[Opening EXERCISE MATERIALS section]

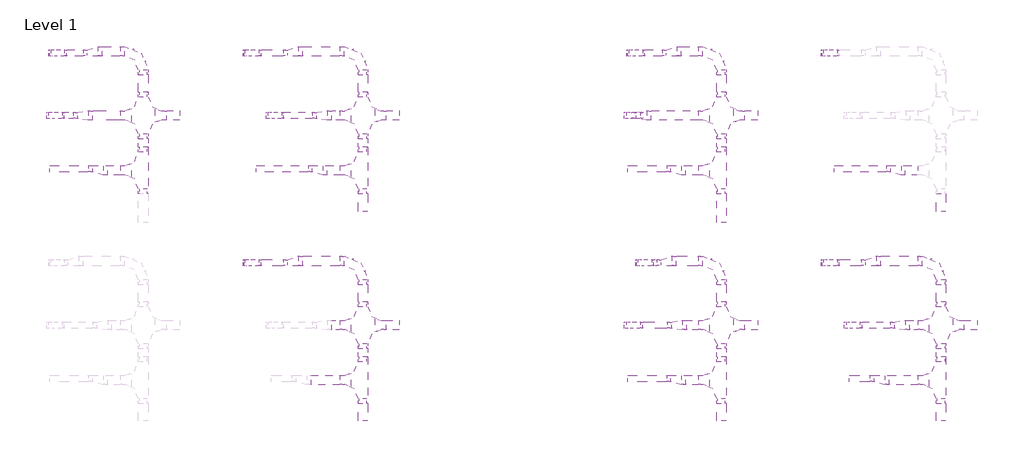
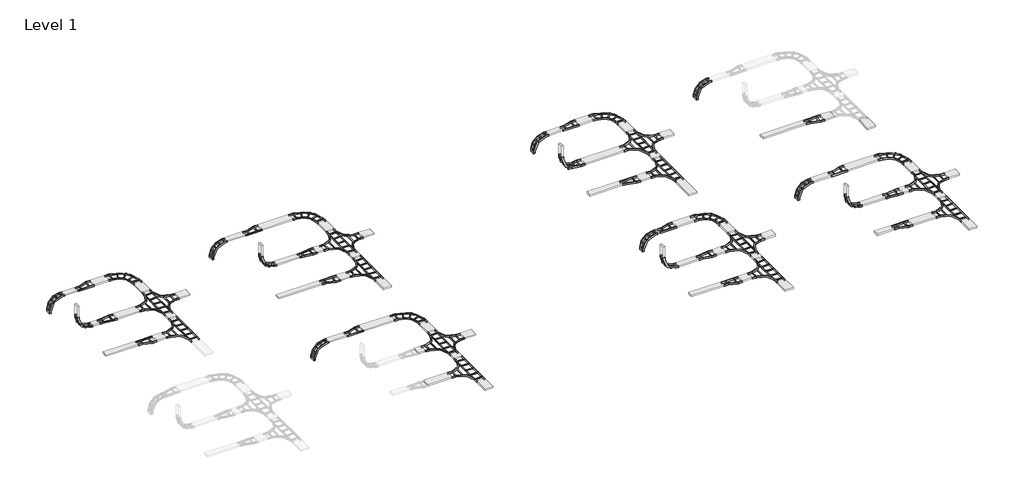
# One storey, part 5 of 9: 71 cable carrier segments, 47 cable carrier fittings.
"""IFC4 building model written with IfcOpenShell, lengths in millimetres."""

from ifc_helpers import new_model, si_unit, frame, origin, place, context, project, spatial, polyline, outline, extrude, transform, mapped, element, save
from components import cable_carrier_fitting_1_5_mm_3523910d, cable_carrier_fitting_1_5_mm_19f47176, cable_carrier_fitting_1_5_mm_3fb46f2a, cable_carrier_fitting_1_5_mm_6c32c4d6, cable_carrier_fitting_1_5_mm_98a35593, cable_carrier_fitting_1_5_mm_dfeaff0d, cable_carrier_fitting_1_5_mm_72e9b842, cable_carrier_fitting_1_5_mm_6b6fba04, cable_carrier_fitting_1_5_mm_c50eb6b4, cable_carrier_fitting_1_5_mm_1f838bc7, cable_carrier_fitting_1_5_mm_861352f9, cable_carrier_fitting_1_5_mm_f55de235, cable_carrier_fitting_1_5_mm_ccf48cd3, cable_carrier_fitting_1_5_mm_2af02ecb, cable_carrier_fitting_1_5_mm_74426db5, cable_carrier_fitting_1_5_mm_0168b917, cable_carrier_fitting_1_5_mm_cc8ef015, cable_carrier_fitting_1_5_mm_7721eeaa, cable_carrier_fitting_1_5_mm_8b0a73e9, cable_carrier_fitting_1_5_mm_c053843e

model = new_model("IFC4")

# Units and contexts
model_context = context("Model", 3, world=origin())
ifc_project = project(units=[si_unit("LENGTHUNIT", "METRE", prefix="MILLI")], contexts=[model_context])

# Site, building, storey
site = spatial("IfcSite", under=ifc_project)
building = spatial("IfcBuilding", under=site)
storey = spatial("IfcBuildingStorey", under=building, Name="Level 1", Elevation=0.0)

# Cable carrier fittings
placement = place(None, origin())
cable_carrier_fitting_1_5_mm_shape = cable_carrier_fitting_1_5_mm_3523910d(model_context)
element("IfcCableCarrierFitting", 1, ObjectType="BAKS_Łuk_drabiny : 1.5 mm", at=placement, inside=storey, context=model_context, shape_type="MappedRepresentation", body=[
    mapped(cable_carrier_fitting_1_5_mm_shape, transform((36575.8987392, 20568.4533524, 2750.0), x_axis=(0.0, 1.0, 0.0), y_axis=(-1.0, 0.0, 0.0), z_axis=(0.0, 0.0, 1.0))),
])
element("IfcCableCarrierFitting", 2, ObjectType="BAKS_Łuk_drabiny : 1.5 mm", at=placement, inside=storey, context=model_context, shape_type="MappedRepresentation", body=[
    mapped(cable_carrier_fitting_1_5_mm_shape, transform((36575.8987392, 14068.4533524, 2750.0), x_axis=(0.0, 1.0, 0.0), y_axis=(-1.0, 0.0, 0.0), z_axis=(0.0, 0.0, 1.0))),
])
element("IfcCableCarrierFitting", 3, ObjectType="BAKS_Łuk_drabiny : 1.5 mm", at=placement, inside=storey, context=model_context, shape_type="MappedRepresentation", body=[
    mapped(cable_carrier_fitting_1_5_mm_shape, transform((43375.8987392, 14068.4533524, 2750.0), x_axis=(0.0, 1.0, 0.0), y_axis=(-1.0, 0.0, 0.0), z_axis=(0.0, 0.0, 1.0))),
])
cable_carrier_fitting_1_5_mm_2_shape = cable_carrier_fitting_1_5_mm_19f47176(model_context)
element("IfcCableCarrierFitting", 4, ObjectType="BAKS_Czwórnik_drabiny : 1.5 mm", at=placement, inside=storey, context=model_context, shape_type="MappedRepresentation", body=[
    mapped(cable_carrier_fitting_1_5_mm_2_shape, transform((36575.8987392, 18581.6749022, 2750.0), x_axis=(0.0, 1.0, 0.0), y_axis=(-1.0, 0.0, 0.0), z_axis=(0.0, 0.0, 1.0))),
])
element("IfcCableCarrierFitting", 5, ObjectType="BAKS_Czwórnik_drabiny : 1.5 mm", at=placement, inside=storey, context=model_context, shape_type="MappedRepresentation", body=[
    mapped(cable_carrier_fitting_1_5_mm_2_shape, transform((36575.8987392, 12081.6749022, 2750.0), x_axis=(0.0, 1.0, 0.0), y_axis=(-1.0, 0.0, 0.0), z_axis=(0.0, 0.0, 1.0))),
])
element("IfcCableCarrierFitting", 6, ObjectType="BAKS_Czwórnik_drabiny : 1.5 mm", at=placement, inside=storey, context=model_context, shape_type="MappedRepresentation", body=[
    mapped(cable_carrier_fitting_1_5_mm_2_shape, transform((43375.8987392, 12081.6749022, 2750.0), x_axis=(0.0, 1.0, 0.0), y_axis=(-1.0, 0.0, 0.0), z_axis=(0.0, 0.0, 1.0))),
])
cable_carrier_fitting_1_5_mm_3_shape = cable_carrier_fitting_1_5_mm_3fb46f2a(model_context)
element("IfcCableCarrierFitting", 7, ObjectType="BAKS_Łuk_drabiny : 1.5 mm", at=placement, inside=storey, context=model_context, shape_type="MappedRepresentation", body=[
    mapped(cable_carrier_fitting_1_5_mm_3_shape, transform((18675.8987392, 20568.4533524, 2750.0), x_axis=(0.0, 1.0, 0.0), y_axis=(-1.0, 0.0, 0.0), z_axis=(0.0, 0.0, 1.0))),
])
element("IfcCableCarrierFitting", 8, ObjectType="BAKS_Łuk_drabiny : 1.5 mm", at=placement, inside=storey, context=model_context, shape_type="MappedRepresentation", body=[
    mapped(cable_carrier_fitting_1_5_mm_3_shape, transform((25475.8987392, 20568.4533524, 2750.0), x_axis=(0.0, 1.0, 0.0), y_axis=(-1.0, 0.0, 0.0), z_axis=(0.0, 0.0, 1.0))),
])
element("IfcCableCarrierFitting", 9, ObjectType="BAKS_Łuk_drabiny : 1.5 mm", at=placement, inside=storey, context=model_context, shape_type="MappedRepresentation", body=[
    mapped(cable_carrier_fitting_1_5_mm_3_shape, transform((25475.8987392, 14068.4533524, 2750.0), x_axis=(0.0, 1.0, 0.0), y_axis=(-1.0, 0.0, 0.0), z_axis=(0.0, 0.0, 1.0))),
])
cable_carrier_fitting_1_5_mm_4_shape = cable_carrier_fitting_1_5_mm_6c32c4d6(model_context)
element("IfcCableCarrierFitting", 10, ObjectType="BAKS_Trójnik_drabiny : 1.5 mm", at=placement, inside=storey, context=model_context, shape_type="MappedRepresentation", body=[
    mapped(cable_carrier_fitting_1_5_mm_4_shape, transform((18675.8987392, 16879.8296821, 2750.0), x_axis=(0.0, -1.0, 0.0), y_axis=(1.0, 0.0, 0.0), z_axis=(0.0, 0.0, 1.0))),
])
element("IfcCableCarrierFitting", 11, ObjectType="BAKS_Trójnik_drabiny : 1.5 mm", at=placement, inside=storey, context=model_context, shape_type="MappedRepresentation", body=[
    mapped(cable_carrier_fitting_1_5_mm_4_shape, transform((25475.8987392, 16879.8296821, 2750.0), x_axis=(0.0, -1.0, 0.0), y_axis=(1.0, 0.0, 0.0), z_axis=(0.0, 0.0, 1.0))),
])
element("IfcCableCarrierFitting", 12, ObjectType="BAKS_Trójnik_drabiny : 1.5 mm", at=placement, inside=storey, context=model_context, shape_type="MappedRepresentation", body=[
    mapped(cable_carrier_fitting_1_5_mm_4_shape, transform((25475.8987392, 10379.8296821, 2750.0), x_axis=(0.0, -1.0, 0.0), y_axis=(1.0, 0.0, 0.0), z_axis=(0.0, 0.0, 1.0))),
])
cable_carrier_fitting_1_5_mm_5_shape = cable_carrier_fitting_1_5_mm_98a35593(model_context)
element("IfcCableCarrierFitting", 13, ObjectType="BAKS_Czwórnik_drabiny : 1.5 mm", at=placement, inside=storey, context=model_context, shape_type="MappedRepresentation", body=[
    mapped(cable_carrier_fitting_1_5_mm_5_shape, transform((18675.8987392, 18581.6749022, 2750.0), x_axis=(0.0, 1.0, 0.0), y_axis=(-1.0, 0.0, 0.0), z_axis=(0.0, 0.0, 1.0))),
])
element("IfcCableCarrierFitting", 14, ObjectType="BAKS_Czwórnik_drabiny : 1.5 mm", at=placement, inside=storey, context=model_context, shape_type="MappedRepresentation", body=[
    mapped(cable_carrier_fitting_1_5_mm_5_shape, transform((25475.8987392, 18581.6749022, 2750.0), x_axis=(0.0, 1.0, 0.0), y_axis=(-1.0, 0.0, 0.0), z_axis=(0.0, 0.0, 1.0))),
])
element("IfcCableCarrierFitting", 15, ObjectType="BAKS_Czwórnik_drabiny : 1.5 mm", at=placement, inside=storey, context=model_context, shape_type="MappedRepresentation", body=[
    mapped(cable_carrier_fitting_1_5_mm_5_shape, transform((25475.8987392, 12081.6749022, 2750.0), x_axis=(0.0, 1.0, 0.0), y_axis=(-1.0, 0.0, 0.0), z_axis=(0.0, 0.0, 1.0))),
])
cable_carrier_fitting_1_5_mm_6_shape = cable_carrier_fitting_1_5_mm_dfeaff0d(model_context)
element("IfcCableCarrierFitting", 16, ObjectType="BAKS_Redukcja_drabiny : 1.5 mm", at=placement, inside=storey, context=model_context, shape_type="MappedRepresentation", body=[
    mapped(cable_carrier_fitting_1_5_mm_6_shape, transform((17104.2228336, 18581.6749022, 2750.0), x_axis=(-1.0, 0.0, 0.0), y_axis=(0.0, -1.0, 0.0), z_axis=(0.0, 0.0, 1.0))),
])
cable_carrier_fitting_1_5_mm_7_shape = cable_carrier_fitting_1_5_mm_72e9b842(model_context)
element("IfcCableCarrierFitting", 17, ObjectType="BAKS_Redukcja_drabiny : 1.5 mm", at=placement, inside=storey, context=model_context, shape_type="MappedRepresentation", body=[
    mapped(cable_carrier_fitting_1_5_mm_7_shape, transform((16809.31285, 20518.4533524, 2750.0), x_axis=(1.0, 0.0, 0.0), y_axis=(0.0, 1.0, 0.0), z_axis=(0.0, 0.0, 1.0))),
])
cable_carrier_fitting_1_5_mm_8_shape = cable_carrier_fitting_1_5_mm_6b6fba04(model_context)
element("IfcCableCarrierFitting", 18, ObjectType="BAKS_Redukcja_drabiny : 1.5 mm", at=placement, inside=storey, context=model_context, shape_type="MappedRepresentation", body=[
    mapped(cable_carrier_fitting_1_5_mm_8_shape, transform((23904.2228336, 18581.6749022, 2750.0), x_axis=(1.0, 0.0, 0.0), y_axis=(0.0, 1.0, 0.0), z_axis=(0.0, 0.0, 1.0))),
])
cable_carrier_fitting_1_5_mm_9_shape = cable_carrier_fitting_1_5_mm_c50eb6b4(model_context)
element("IfcCableCarrierFitting", 19, ObjectType="BAKS_Redukcja_drabiny : 1.5 mm", at=placement, inside=storey, context=model_context, shape_type="MappedRepresentation", body=[
    mapped(cable_carrier_fitting_1_5_mm_9_shape, transform((23609.31285, 20568.4533524, 2750.0), x_axis=(-1.0, 0.0, 0.0), y_axis=(0.0, -1.0, 0.0), z_axis=(0.0, 0.0, 1.0))),
])
element("IfcCableCarrierFitting", 20, ObjectType="BAKS_Redukcja_drabiny : 1.5 mm", at=placement, inside=storey, context=model_context, shape_type="MappedRepresentation", body=[
    mapped(cable_carrier_fitting_1_5_mm_9_shape, transform((23609.31285, 14068.4533524, 2750.0), x_axis=(-1.0, 0.0, 0.0), y_axis=(0.0, -1.0, 0.0), z_axis=(0.0, 0.0, 1.0))),
])
cable_carrier_fitting_1_5_mm_10_shape = cable_carrier_fitting_1_5_mm_1f838bc7(model_context)
element("IfcCableCarrierFitting", 21, ObjectType="BAKS_Redukcja_drabiny : 1.5 mm", at=placement, inside=storey, context=model_context, shape_type="MappedRepresentation", body=[
    mapped(cable_carrier_fitting_1_5_mm_10_shape, transform((17575.8987392, 16879.8296821, 2750.0), x_axis=(-1.0, 0.0, 0.0), y_axis=(0.0, -1.0, 0.0), z_axis=(0.0, 0.0, 1.0))),
])
element("IfcCableCarrierFitting", 22, ObjectType="BAKS_Redukcja_drabiny : 1.5 mm", at=placement, inside=storey, context=model_context, shape_type="MappedRepresentation", body=[
    mapped(cable_carrier_fitting_1_5_mm_10_shape, transform((24375.8987392, 16879.8296821, 2750.0), x_axis=(-1.0, 0.0, 0.0), y_axis=(0.0, -1.0, 0.0), z_axis=(0.0, 0.0, 1.0))),
])
cable_carrier_fitting_1_5_mm_11_shape = cable_carrier_fitting_1_5_mm_861352f9(model_context)
element("IfcCableCarrierFitting", 23, ObjectType="BAKS_Łuk_pionowy_drabiny_zew : 1.5 mm", at=placement, inside=storey, context=model_context, shape_type="MappedRepresentation", body=[
    mapped(cable_carrier_fitting_1_5_mm_11_shape, transform((15777.0936106, 20518.4533524, 2750.0), x_axis=(0.0, 0.0, 1.0), y_axis=(1.0, 0.0, 0.0), z_axis=(0.0, 1.0, 0.0))),
])
element("IfcCableCarrierFitting", 24, ObjectType="BAKS_Łuk_pionowy_drabiny_zew : 1.5 mm", at=placement, inside=storey, context=model_context, shape_type="MappedRepresentation", body=[
    mapped(cable_carrier_fitting_1_5_mm_11_shape, transform((21799.2228336, 20518.4533524, 2750.0), x_axis=(0.0, 0.0, 1.0), y_axis=(1.0, 0.0, 0.0), z_axis=(0.0, 1.0, 0.0))),
])
element("IfcCableCarrierFitting", 25, ObjectType="BAKS_Łuk_pionowy_drabiny_zew : 1.5 mm", at=placement, inside=storey, context=model_context, shape_type="MappedRepresentation", body=[
    mapped(cable_carrier_fitting_1_5_mm_11_shape, transform((21799.2228336, 14018.4533524, 2750.0), x_axis=(0.0, 0.0, 1.0), y_axis=(1.0, 0.0, 0.0), z_axis=(0.0, 1.0, 0.0))),
])
cable_carrier_fitting_1_5_mm_12_shape = cable_carrier_fitting_1_5_mm_f55de235(model_context)
element("IfcCableCarrierFitting", 26, ObjectType="BAKS_Łuk_pionowy_drabiny_wew : 1.5 mm", at=placement, inside=storey, context=model_context, shape_type="MappedRepresentation", body=[
    mapped(cable_carrier_fitting_1_5_mm_12_shape, transform((15704.2228336, 18581.6749022, 2750.0), x_axis=(-1.0, 0.0, 0.0), y_axis=(0.0, 0.0, 1.0), z_axis=(0.0, 1.0, 0.0))),
])
element("IfcCableCarrierFitting", 27, ObjectType="BAKS_Łuk_pionowy_drabiny_wew : 1.5 mm", at=placement, inside=storey, context=model_context, shape_type="MappedRepresentation", body=[
    mapped(cable_carrier_fitting_1_5_mm_12_shape, transform((22504.2228336, 18581.6749022, 2750.0), x_axis=(0.0, 0.0, -1.0), y_axis=(1.0, 0.0, 0.0), z_axis=(0.0, -1.0, 0.0))),
])
cable_carrier_fitting_1_5_mm_13_shape = cable_carrier_fitting_1_5_mm_ccf48cd3(model_context)
element("IfcCableCarrierFitting", 28, ObjectType="BAKS_Redukcja_drabiny : 1.5 mm", at=placement, inside=storey, context=model_context, shape_type="MappedRepresentation", body=[
    mapped(cable_carrier_fitting_1_5_mm_13_shape, transform((35475.8987392, 16879.8296821, 2750.0), x_axis=(-1.0, 0.0, 0.0), y_axis=(0.0, -1.0, 0.0), z_axis=(0.0, 0.0, 1.0))),
])
element("IfcCableCarrierFitting", 29, ObjectType="BAKS_Redukcja_drabiny : 1.5 mm", at=placement, inside=storey, context=model_context, shape_type="MappedRepresentation", body=[
    mapped(cable_carrier_fitting_1_5_mm_13_shape, transform((35475.8987392, 10379.8296821, 2750.0), x_axis=(-1.0, 0.0, 0.0), y_axis=(0.0, -1.0, 0.0), z_axis=(0.0, 0.0, 1.0))),
])
element("IfcCableCarrierFitting", 30, ObjectType="BAKS_Redukcja_drabiny : 1.5 mm", at=placement, inside=storey, context=model_context, shape_type="MappedRepresentation", body=[
    mapped(cable_carrier_fitting_1_5_mm_13_shape, transform((42275.8987392, 16879.8296821, 2750.0), x_axis=(-1.0, 0.0, 0.0), y_axis=(0.0, -1.0, 0.0), z_axis=(0.0, 0.0, 1.0))),
])
element("IfcCableCarrierFitting", 31, ObjectType="BAKS_Redukcja_drabiny : 1.5 mm", at=placement, inside=storey, context=model_context, shape_type="MappedRepresentation", body=[
    mapped(cable_carrier_fitting_1_5_mm_13_shape, transform((41775.8987392, 10379.8296821, 2750.0), x_axis=(-1.0, 0.0, 0.0), y_axis=(0.0, -1.0, 0.0), z_axis=(0.0, 0.0, 1.0))),
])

[Closing EXERCISE MATERIALS section]

EXERCISE BRIEF — Count the lines of the listing that contain the word "contexts", and give only the number.

EXERCISE ANSWER — 2